60. The chamber apparatus recited in claim 59 wherein said capillaries are coaxial with said reaction chamber and extend therefrom to outer capillary openings in said chamber elements.

61. The chamber apparatus recited in claim 60 wherein said chamber elements are glass and have substantially flat sur-faces adjacent said capillary openings.

62. The chamber apparatus recited in claim 61 wherein said inlet and outlet means further comprise at least one slug of resilient material having a substantially flat sealing end and an axial capillary passage which terminates in an opening at said end, and screw thread means for urging said sealing end axially against one of said capillary openings, such that the axial passage in the slug communicates with said capillary opening and the sealing end of the slug seals against the substantially flat surface of the chamber element adjacent thereto.

63. The chamber apparatus recited in claim 62 wherein said at least one slug of resilient material comprises a mass of a fluorocarbon polymer encased in a metallic sleeve.

64. The chamber apparatus recited in claim 63 wherein said screw thread means includes a bore closely receiving said metallic sleeve in an axially sliding relationship to insure accurate alignment of the passage in the slug with said one capillary opening.

65. A method comprising:
enclosing a solid matrix of fluid permeable material within a closed chamber on a porous sheet made of a plurality of fibers, said chamber having an inlet and an outlet;
embedding a sample of chemical material in the solid matrix; and sequentially passing a plurality of fluids through the chamber in a pressurized stream from the inlet to the outlet thereof such that the sample is exposed to each of the fluids;
whereby the sample is immobilized and chemical interaction between the sample and the fluids is obtained.

66. The method recited in claim 65 wherein the step of enclosing the solid matrix within the chamber comprises introducing a solution containing the solid matrix material into the chamber and then rotating the chamber while passing a gas through it to evaporate the liquid, leaving the solid matrix material on the interior walls of the chamber as a thin film.

67. The method recited in claim 65 wherein the step of embedding the sample of chemical material in the solid matrix comprises introducing a solution containing the sample into the chamber to dissolve the matrix material therein and then rotating the chamber while passing a gas through it to evaporate the liquid, leaving the solid matrix material on the interior walls of the chamber as a thin film with the sample embedded therein.

68. The method recited in claim 65 wherein the solid matrix is supported on a porous sheet and the step of enclosing the matrix within the chamber comprises applying the matrix material to the porous sheet as a thin film thereon and extending the porous sheet substantially transversely across the chamber at a location between the inlet and outlet such that the fluids passed from the inlet to the outlet must pass through the sheet.

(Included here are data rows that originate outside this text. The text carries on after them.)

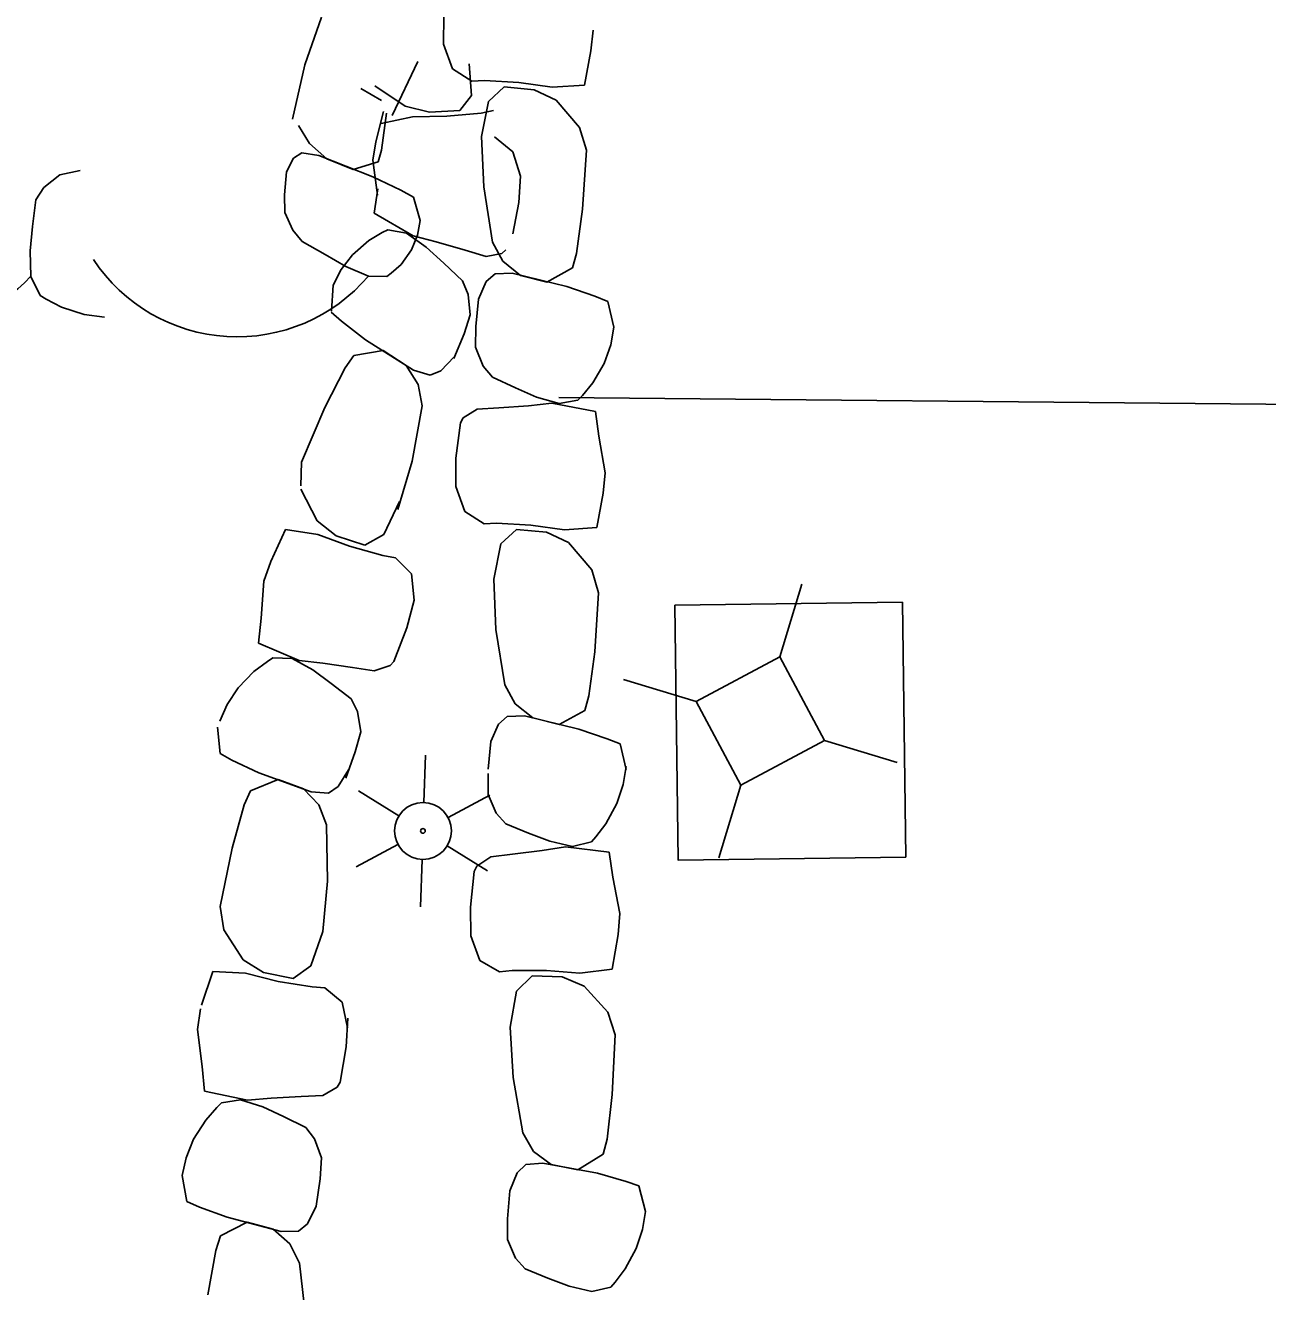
# Model space of a CAD drawing. Extents: x 588843 to 2552415, y 180129 to 269402.
# Drawn here: x 593586.36 to 593619.12, y 186525.4 to 186558.78 of the extents above; entities that cross this region are included whole.
import ezdxf

# ---------------------------------------------------------------- set-up
doc = ezdxf.new("R2010")
doc.units = 0
for name, color, linetype in [('Default', 7, 'Continuous'), ('E_AREA', 7, 'Continuous'), ('E_DRN', 7, 'Continuous'), ('E_DRN_RipRap', 7, 'Continuous'), ('E_DWY', 7, 'Continuous'), ('E_LTG', 7, 'Continuous'), ('E_UTL_AG_Bold', 7, 'Continuous')]:
    doc.layers.add(name, color=color, linetype=linetype)

# ---------------------------------------------------------------- blocks, each defined once
blk = doc.blocks.new('LPOL')
at = {"layer": 'Default'}
for p, q in [((-0.75, 1.299), (-2, 3.464)), ((0.75, 1.299), (2, 3.464)), ((-4, 0), (-1.5, 0)), ((1.5, 0), (4, 0)), ((-2, -3.464), (-0.75, -1.299)), ((2, -3.464), (0.75, -1.299))]:
    blk.add_line(p, q, dxfattribs=at)
for radius in [1.5, 1.5, 1.5, 0.125]:
    blk.add_circle((0, 0), radius, dxfattribs=at)
blk = doc.blocks.new('PED')
at = {"layer": 'Default'}
for p, q in [((-2.5, 2.5), (-5.329, 5.329)), ((2.5, 2.5), (5.329, 5.329)), ((-2.5, -2.5), (-5.329, -5.329)), ((2.5, -2.5), (5.329, -5.329))]:
    blk.add_line(p, q, dxfattribs=at)
blk.add_lwpolyline([(-2.5, -2.5), (2.5, -2.5), (2.5, 2.5), (-2.5, 2.5)], close=True, dxfattribs=at)
blk = doc.blocks.new('CULV2')
at = {"layer": 'E_DRN'}
blk.add_arc((19.68, 14.76), 24.6, 216.8699, 323.1301, dxfattribs=at)

msp = doc.modelspace()

# ---------------------------------------------------------------- linework, layer by layer
at = {"layer": 'E_AREA'}
msp.add_lwpolyline([(593609.493, 186543.569), (593609.578, 186536.851), (593603.575, 186536.775), (593603.49, 186543.493), (593609.493, 186543.569)], close=True, dxfattribs=at)
at = {"layer": 'E_DRN_RipRap'}
for p, q in [((593593.734, 186557.737), (593594.173, 186558.995)), ((593597.395, 186559.038), (593597.392, 186558.286)), ((593601.276, 186558.108), (593601.333, 186558.649)), ((593597.392, 186558.286), (593597.625, 186557.629)), ((593601.11, 186557.204), (593601.276, 186558.108)), ((593593.411, 186556.302), (593593.734, 186557.737)), ((593596.717, 186557.826), (593596.037, 186556.401)), ((593597.625, 186557.629), (593598.134, 186557.304)), ((593598.064, 186557.763), (593598.128, 186556.927)), ((593596.38, 186556.646), (593595.58, 186557.185)), ((593598.134, 186557.304), (593598.468, 186557.321)), ((593598.468, 186557.321), (593599.372, 186557.272)), ((593599.372, 186557.272), (593600.254, 186557.148)), ((593600.254, 186557.148), (593601.11, 186557.204)), ((593595.753, 186556.795), (593595.213, 186557.11)), ((593598.128, 186556.927), (593597.821, 186556.536)), ((593598.578, 186556.774), (593598.993, 186557.154)), ((593598.993, 186557.154), (593599.782, 186557.082)), ((593599.782, 186557.082), (593600.359, 186556.807)), ((593595.811, 186556.506), (593595.605, 186555.709)), ((593597.023, 186556.488), (593596.38, 186556.646)), ((593597.821, 186556.536), (593597.023, 186556.488)), ((593598.708, 186556.529), (593598.384, 186556.466)), ((593598.389, 186555.845), (593598.578, 186556.774)), ((593600.359, 186556.807), (593600.974, 186556.088)), ((593596.576, 186556.363), (593595.746, 186556.193)), ((593595.883, 186556.461), (593595.759, 186555.488)), ((593597.479, 186556.381), (593596.576, 186556.363)), ((593598.384, 186556.466), (593597.479, 186556.381)), ((593593.569, 186556.141), (593593.854, 186555.662)), ((593598.45, 186554.519), (593598.389, 186555.845)), ((593599.218, 186555.446), (593598.733, 186555.843)), ((593600.974, 186556.088), (593601.158, 186555.487)), ((593593.854, 186555.662), (593594.316, 186555.258)), ((593595.605, 186555.709), (593595.524, 186555.223)), ((593593.251, 186554.919), (593593.437, 186555.281)), ((593593.437, 186555.281), (593593.658, 186555.414)), ((593593.658, 186555.414), (593594.103, 186555.344)), ((593594.103, 186555.344), (593595.525, 186554.782)), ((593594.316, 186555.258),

69. The method recited in claim 65 wherein the step of embedding the sample in a solid matrix comprises the steps of applying a solution containing the sample to the porous sheet to dissolve the matrix material thereon, and evaporating the liquid from the sheet to leave the matrix material as a thin film with the sample embedded therein.

70. The method recited in claim 65 wherein the step of sequentially passing fluids through the chamber includes the step of flowing at least one reagent through the chamber in gas or vapor form for diffusion into the solid matrix and reaction with the sample.